The South Florida vibe figures to be demonstrably different, for sure, but Trapp isn't looking at that as a negative. In fact, it's provided precisely the energy boost he was hoping to feel when he agreed to make the move south. He's being pushed in all manner of ways.
"There's Spanish spoken here and then translated, so you're learning new things every single day," he said. "I think as a player you want to be growing and feel like that. That freshness and newness to continue to grow."
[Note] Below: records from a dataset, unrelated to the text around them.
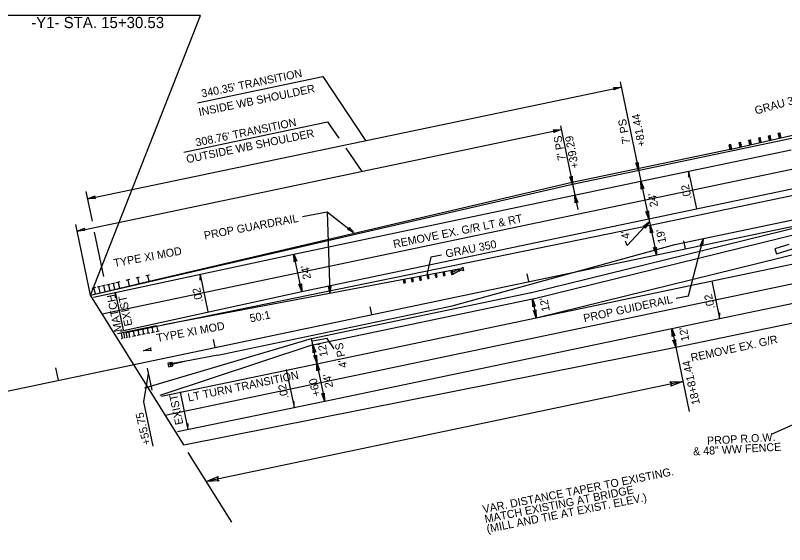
# Model space of a CAD drawing. Extents: x 2389694 to 2405615, y 547005 to 573532.
# Drawn here: x 2390180.4 to 2390660.7, y 552379.6 to 552710.1 of the extents above; entities that cross this region are included whole.
import ezdxf

# ---------------------------------------------------------------- set-up
doc = ezdxf.new("R2010")
doc.units = 0
for name, color, linetype in [('Old_Level_11', 7, 'Continuous'), ('Old_Level_22', 7, 'Continuous'), ('Prop Cable Guiderail Anchor Unit CELL', 7, 'Continuous'), ('Prop Cable Guiderail Double Face', 7, 'Continuous'), ('Prop Dimension', 7, 'Continuous'), ('Prop Dimension Text', 7, 'Continuous'), ('Prop DSN Text', 7, 'Continuous'), ('Prop EOT', 7, 'Continuous'), ('Prop GRAU 350 Approach CELL', 7, 'Continuous'), ('Prop Guardrail', 7, 'Continuous'), ('Prop Guardrail Anchor Unit CELL', 7, 'Continuous'), ('Prop Horizontal Alignment', 7, 'Continuous'), ('Prop Horizontal Alignment Tick Large', 7, 'Continuous'), ('Prop Horizontal Alignment Tick Small', 7, 'Continuous'), ('Prop Lane Arrow Left Turn CELL', 7, 'Continuous'), ('Prop Lane Lines', 7, 'Continuous'), ('Prop Structure Anchor Unit CELL', 7, 'Continuous'), ('Prop Super Arrow 1 Lane CELL', 7, 'Continuous'), ('Prop Superelevation Label', 7, 'Continuous')]:
    doc.layers.add(name, color=color, linetype=linetype)

# ---------------------------------------------------------------- blocks, each defined once
blk = doc.blocks.new('TERM')
at = {"layer": 'Old_Level_11'}
blk.add_lwpolyline([(-0.01375, 0.00225), (0, 0), (-0.01375, -0.0025), (-0.012, 0)], close=True, dxfattribs=at)
blk = doc.blocks.new('350 GRAU TR')
at = {"layer": 'Prop Guardrail Anchor Unit CELL'}
for p, q in [((0.45, -0.01), (47.19, -0.94)), ((2.99, -0.06), (2.93, -3.06)), ((3.96, -1.58), (2.93, -3.06)), ((2.93, -3.06), (3.93, -3.08)), ((2.96, -1.56), (3.99, -0.08)), ((2.96, -1.56), (3.96, -1.58)), ((3.93, -3.08), (2.96, -1.56)), ((2.99, -0.06), (3.99, -0.08)), ((3.96, -1.58), (2.99, -0.06)), ((3.99, -0.08), (3.93, -3.08)), ((3.99, -0.08), (3.96, -1.58)), ((9.29, -0.19), (9.23, -3.24)), ((10.26, -1.73), (9.23, -3.24)), ((9.23, -3.24), (10.23, -3.26)), ((9.26, -1.71), (10.29, -0.21)), ((9.26, -1.71), (10.26, -1.73)), ((10.23, -3.26), (9.26, -1.71)), ((9.29, -0.19), (10.26, -1.73)), ((10.29, -0.21), (10.23, -3.26)), ((15.59, -0.31), (15.53, -3.36)), ((16.56, -1.86), (15.53, -3.36)), ((15.53, -3.36), (16.53, -3.38)), ((15.56, -1.84), (16.59, -0.33)), ((15.56, -1.84), (16.56, -1.86)), ((16.53, -3.38), (15.56, -1.84)), ((15.59, -0.31), (16.56, -1.86)), ((16.59, -0.33), (16.53, -3.38)), ((21.89, -0.44), (21.83, -3.47)), ((22.86, -1.98), (21.83, -3.47)), ((21.83, -3.47), (22.83, -3.49)), ((21.86, -1.96), (22.89, -0.46)), ((21.86, -1.96), (22.86, -1.98)), ((22.83, -3.49), (21.86, -1.96)), ((21.89, -0.44), (22.89, -0.46)), ((21.89, -0.44), (22.86, -1.98)), ((22.89, -0.46), (22.83, -3.49)), ((28.19, -0.56), (28.13, -3.7)), ((29.16, -2.15), (28.13, -3.7)), ((28.13, -3.7), (29.13, -3.72)), ((28.16, -2.13), (29.19, -0.58)), ((28.16, -2.13), (29.16, -2.15)), ((29.13, -3.72), (28.16, -2.13)), ((28.19, -0.56), (29.16, -2.15)), ((29.19, -0.58), (29.13, -3.72)), ((34.49, -0.69), (34.43, -3.69)), ((35.46, -2.21), (34.43, -3.69)), ((34.43, -3.69), (35.43, -3.71)), ((34.46, -2.19), (35.49, -0.71)), ((34.46, -2.19), (35.46, -2.21)), ((35.43, -3.71), (34.46, -2.19)), ((34.49, -0.69), (35.46, -2.21)), ((35.49, -0.71), (35.43, -3.71)), ((40.79, -0.82), (40.73, -3.88)), ((41.76, -2.37), (40.73, -3.88)), ((40.73, -3.88), (41.73, -3.9)), ((40.76, -2.35), (41.79, -0.84)), ((40.76, -2.35), (41.76, -2.37)), ((41.73, -3.9), (40.76, -2.35)), ((40.79, -0.82), (41.76, -2.37)), ((41.79, -0.84), (41.73, -3.9)), ((41.73, -3.9), (46.66, -2.43)), ((41.76, -2.37), (46.69, -0.93)), ((46.69, -0.93), (46.66, -2.43)), ((47.69, -0.95), (46.66, -2.43)), ((46.66, -2.43), (47.16, -2.44)), ((46.66, -2.43), (47.66, -2.45)), ((47.66, -2.45), (46.69, -0.93)), ((47.22, -1.63), (47.22, -1.02)), ((47.22, -1.02), (49.27, -1.02)), ((47.22, -2.24), (47.22, -1.63)), ((49.26, -2.25), (47.22, -2.24)), ((47.69, -0.95), (47.66, -2.45)), ((50.44, -3.11), (49.26, -2.25)), ((49.27, -1.02), (50.45, -0.17)), ((50.45, -0.17), (50.44, -3.11))]:
    blk.add_line(p, q, dxfattribs=at)

msp = doc.modelspace()

# ---------------------------------------------------------------- linework, layer by layer
at = {"layer": 'Prop Cable Guiderail Anchor Unit CELL'}
for p, q in [((2390287.09, 552494.07), (2390277.26, 552492.38)), ((2390287.09, 552494.07), (2390277.28, 552492.12)), ((2390287.09, 552494.07), (2390277.32, 552491.89)), ((2390306.71, 552497.96), (2390287.09, 552494.07)), ((2390287.09, 552494.07), (2390287.09, 552494.07)), ((2390275.81, 552493.11), (2390278.26, 552493.59)), ((2390276.3, 552490.66), (2390275.81, 552493.11)), ((2390276.3, 552490.66), (2390278.75, 552491.14)), ((2390276.87, 552492.57), (2390277.49, 552492.7)), ((2390277.07, 552491.55), (2390276.87, 552492.57)), ((2390277.07, 552491.55), (2390277.69, 552491.67)), ((2390277.69, 552491.67), (2390277.49, 552492.7)), ((2390278.75, 552491.14), (2390278.26, 552493.59))]:
    msp.add_line(p, q, dxfattribs=at)
at = {"layer": 'Prop Cable Guiderail Double Face'}
for p, q in [((2390592.08, 552567.02), (2390668.8, 552583.11)), ((2390453, 552528.65), (2390592.08, 552567.02)), ((2390306.71, 552497.96), (2390453, 552528.65))]:
    msp.add_line(p, q, dxfattribs=at)
at = {"layer": 'Prop Dimension'}
for p, q in [((2390294.05, 552655.46), (2390372.28, 552671.89)), ((2390372.28, 552671.89), (2390399.03, 552631.87)), ((2390557.96, 552668.52), (2390570.96, 552606.53)), ((2390225.52, 552595.47), (2390558.62, 552665.35)), ((2390285.52, 552624.66), (2390375.34, 552643.54)), ((2390375.34, 552643.54), (2390382.34, 552633.45)), ((2390218.95, 552575.38), (2390521.13, 552638.78)), ((2390520.65, 552641.08), (2390529.71, 552597.87)), ((2390386.69, 552627.18), (2390396.74, 552612.68)), ((2390528.28, 552604.72), (2390531.65, 552588.8)), ((2390570.96, 552606.53), (2390575.89, 552583.04)), ((2390228.46, 552581.47), (2390224.57, 552600.02)), ((2390562.36, 552566.33), (2390576.19, 552581.14)), ((2390575.89, 552583.04), (2390576.71, 552579.12)), ((2390227.33, 552535.41), (2390218.07, 552579.58)), ((2390576.71, 552579.12), (2390580.61, 552560.53)), ((2390235.69, 552546.98), (2390229.87, 552574.74)), ((2390562.36, 552566.33), (2390561.38, 552569.13)), ((2390359.17, 552537.57), (2390354.24, 552561.06)), ((2390503.17, 552533.04), (2390505.63, 552521.3)), ((2389717.95, 552379.55), (2390379.47, 552518.33)), ((2390590.26, 552514.53), (2390592.73, 552502.78)), ((2390368.61, 552492.55), (2390365.33, 552508.21)), ((2390375.08, 552508.26), (2390366, 552506.58)), ((2390379.46, 552501.87), (2390375.08, 552508.26)), ((2390592.73, 552502.78), (2390601.15, 552462.66)), ((2390262.67, 552489.82), (2390265.57, 552475.99)), ((2390368.61, 552492.55), (2390373.54, 552469.06)), ((2390263.39, 552486.36), (2390260.4, 552468.83)), ((2390597.19, 552481.53), (2390299.45, 552419.07)), ((2390260.4, 552468.83), (2390266.21, 552441.11)), ((2390288.17, 552437.19), (2390315.36, 552393.5))]:
    msp.add_line(p, q, dxfattribs=at)
for points in [[(2390553.74, 552665.13), (2390558.62, 552665.35), (2390554.07, 552663.56), (2390554.49, 552664.47)], [(2390516.25, 552638.56), (2390521.13, 552638.78), (2390516.58, 552636.99), (2390517, 552637.9)], [(2390569.32, 552618.26), (2390569.53, 552613.38), (2390567.75, 552617.93), (2390568.66, 552617.51)], [(2390528.07, 552609.61), (2390528.28, 552604.72), (2390526.5, 552609.28), (2390527.41, 552608.86)], [(2390571.17, 552601.64), (2390570.96, 552606.53), (2390572.74, 552601.97), (2390571.83, 552602.39)], [(2390230.4, 552595.72), (2390225.52, 552595.47), (2390230.06, 552597.29), (2390229.64, 552596.38)], [(2390529.92, 552592.99), (2390529.71, 552597.87), (2390531.49, 552593.32), (2390530.58, 552593.74)], [(2390575.69, 552587.92), (2390575.89, 552583.04), (2390574.12, 552587.59), (2390575.02, 552587.17)], [(2390572.55, 552578.38), (2390576.19, 552581.14), (2390573.68, 552577.29), (2390573.49, 552578.25)], [(2390223.83, 552575.64), (2390218.95, 552575.38), (2390223.49, 552577.21), (2390223.07, 552576.29)], [(2390576.92, 552574.24), (2390576.71, 552579.12), (2390578.49, 552574.57), (2390577.58, 552574.99)], [(2390354.45, 552556.18), (2390354.24, 552561.06), (2390356.02, 552556.51), (2390355.11, 552556.93)], [(2390580.41, 552565.41), (2390580.61, 552560.53), (2390578.84, 552565.08), (2390579.75, 552564.66)], [(2390358.96, 552542.46), (2390359.17, 552537.57), (2390357.39, 552542.13), (2390358.3, 552541.7)], [(2390503.37, 552528.16), (2390503.17, 552533.04), (2390504.94, 552528.48), (2390504.03, 552528.91)], [(2390505.43, 552526.18), (2390505.63, 552521.3), (2390503.86, 552525.85), (2390504.76, 552525.43)], [(2390590.47, 552509.64), (2390590.26, 552514.53), (2390592.04, 552509.97), (2390591.13, 552510.4)], [(2390366.35, 552499.41), (2390366.15, 552504.3), (2390367.93, 552499.74), (2390367.02, 552500.16)], [(2390592.52, 552507.67), (2390592.73, 552502.78), (2390590.95, 552507.34), (2390591.86, 552506.92)], [(2390265.3, 552500.79), (2390260.42, 552500.53), (2390264.96, 552502.36), (2390264.54, 552501.44)], [(2390368.3, 552497.94), (2390368.51, 552493.06), (2390366.73, 552497.62), (2390367.64, 552497.19)], [(2390368.71, 552488.18), (2390368.51, 552493.06), (2390370.28, 552488.51), (2390369.37, 552488.93)], [(2390589.05, 552481.19), (2390597.19, 552481.53), (2390589.59, 552478.57), (2390590.3, 552480.08)], [(2390373.28, 552474.22), (2390373.48, 552469.34), (2390371.71, 552473.89), (2390372.62, 552473.47)], [(2390307.59, 552419.41), (2390299.45, 552419.07), (2390307.04, 552422.03), (2390306.33, 552420.51)]]:
    msp.add_lwpolyline(points, close=True, dxfattribs=at)
at = {"layer": 'Prop Dimension Text'}
for p, q in [((2390295.92, 552710.1), (2390175.58, 552710.1)), ((2390227.33, 552535.41), (2390295.92, 552710.1))]:
    msp.add_line(p, q, dxfattribs=at)
at = {"layer": 'Prop DSN Text'}
for p, q in [((2390359.59, 552584.52), (2390375.09, 552587.42)), ((2390375.09, 552587.42), (2390391.57, 552574.5)), ((2390375.09, 552587.42), (2390376.77, 552536.86)), ((2390600.66, 552534.91), (2390609.76, 552570.37)), ((2390439.69, 552559.07), (2390437.33, 552547.96)), ((2390446.42, 552560.41), (2390439.69, 552559.07)), ((2390593.03, 552533.45), (2390600.66, 552534.91)), ((2390652.56, 552448.6), (2390691.44, 552465.86))]:
    msp.add_line(p, q, dxfattribs=at)
at = {"layer": 'Prop EOT'}
for p, q in [((2390528.28, 552604.72), (2390692.03, 552639.08)), ((2390570.96, 552606.53), (2390664.65, 552626.18)), ((2390575.89, 552583.04), (2390725.14, 552614.35)), ((2390576.71, 552579.12), (2390725.97, 552610.43)), ((2390227.33, 552535.41), (2390528.28, 552604.72)), ((2390354.24, 552561.06), (2390570.96, 552606.53)), ((2390501.81, 552536.83), (2390729.13, 552592.69)), ((2390502.77, 552532.95), (2390730.08, 552588.81)), ((2390359.17, 552537.57), (2390575.89, 552583.04)), ((2390249.33, 552512.12), (2390576.71, 552579.12)), ((2390229.14, 552534.09), (2390354.24, 552561.06)), ((2390590.26, 552514.53), (2390739.52, 552545.84)), ((2390246.01, 552512.97), (2390359.17, 552537.57)), ((2390365.33, 552508.21), (2390502.35, 552536.96)), ((2390285.51, 552441.93), (2390227.33, 552535.41)), ((2390366.15, 552504.3), (2390503.17, 552533.04)), ((2390592.73, 552502.78), (2390741.98, 552534.09)), ((2390373.54, 552469.06), (2390590.26, 552514.53)), ((2390261.23, 552477.52), (2390365.33, 552508.21)), ((2390366.15, 552504.3), (2390270.59, 552472.76)), ((2390285.51, 552441.93), (2390592.73, 552502.78)), ((2390281.72, 552450.21), (2390373.54, 552469.06))]:
    msp.add_line(p, q, dxfattribs=at)
at = {"layer": 'Prop GRAU 350 Approach CELL'}
for p, q in [((2390627.2, 552626.5), (2390675.97, 552637.61)), ((2390644.47, 552633.56), (2390645.45, 552633.78)), ((2390645.15, 552630.59), (2390644.47, 552633.56)), ((2390645.79, 552632.29), (2390644.47, 552633.56)), ((2390645.45, 552633.78), (2390644.81, 552632.07)), ((2390646.12, 552630.81), (2390645.45, 552633.78)), ((2390650.62, 552634.95), (2390651.59, 552635.17)), ((2390651.29, 552631.99), (2390650.62, 552634.95)), ((2390651.93, 552633.69), (2390650.62, 552634.95)), ((2390651.59, 552635.17), (2390650.96, 552633.47)), ((2390650.96, 552633.47), (2390651.93, 552633.69)), ((2390650.96, 552633.47), (2390652.27, 552632.21)), ((2390651.29, 552631.99), (2390651.93, 552633.69)), ((2390652.27, 552632.21), (2390651.59, 552635.17)), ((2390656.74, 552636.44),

It helps that Trapp has found something of a kindred spirit in Miami manager Diego Alonso. Both men have something to prove. The U.S. midfielder is keen to show he can excel outside of his Ohio bubble, while Alonso is eager to move past his disappointing spell at Liga MX side Monterrey. There's also a stylistic fit in that Alonso values possession with quick combinations.
"You feel like you're connecting back to what you love again a little bit," said Trapp about the early training sessions under Alonso. "His energy and passion for the game is contagious. He has this just glowing ability to bring people together that love to play football, that love to combine and make passes and press and have intensity. It's infectious."
At 27, Trapp knows his skill set is basically who he is as a player. He's not going to turn into a midfield destroyer who delivers crunching tackles. He feels that to do so would be not only a waste of time, but dampen the skills that he does possess.
"If you're always trying to chase the white rabbit of some new skill acquisition, you end up not focusing on the things that you're actually good at," he said. "It's about just understanding what those qualities are, and then sharpening them to be as good as possible in those strengths."
Don't expect LAFC or Atlanta-level success from Inter Miami
Sebi Salazar, Herculez Gomez and Alejandro Moreno pump the brakes on Inter Miami's expectations this season.
Trapp hasn't given up on his European dream just yet. His contract is up at the end of the year, the Greek passport still in his back pocket, but he also sounds like a player willing to give Miami a go and see where it leads.
His focus is on establishing chemistry with his new teammates -- a critical piece for an expansion team -- with off-field activities meaning almost as much as those on. A sterling rendition of the Blackstreet's "No Diggity" did plenty to endear Trapp to his teammates. The team even organized an outing to watch the Super Bowl at a nearby bowling alley, the better to get guys out of their hotel rooms and spend time with each other.
"You have guys joking, guys laughing and enjoying their time together not only as teammates, but just as people," he said. "I thought that was special, those types of moments are really important."
Trapp's bonds with his former home will never really be broken, and it's not as if Ohio is on the other side of the world. But now he's is eager to create some new ties that bind.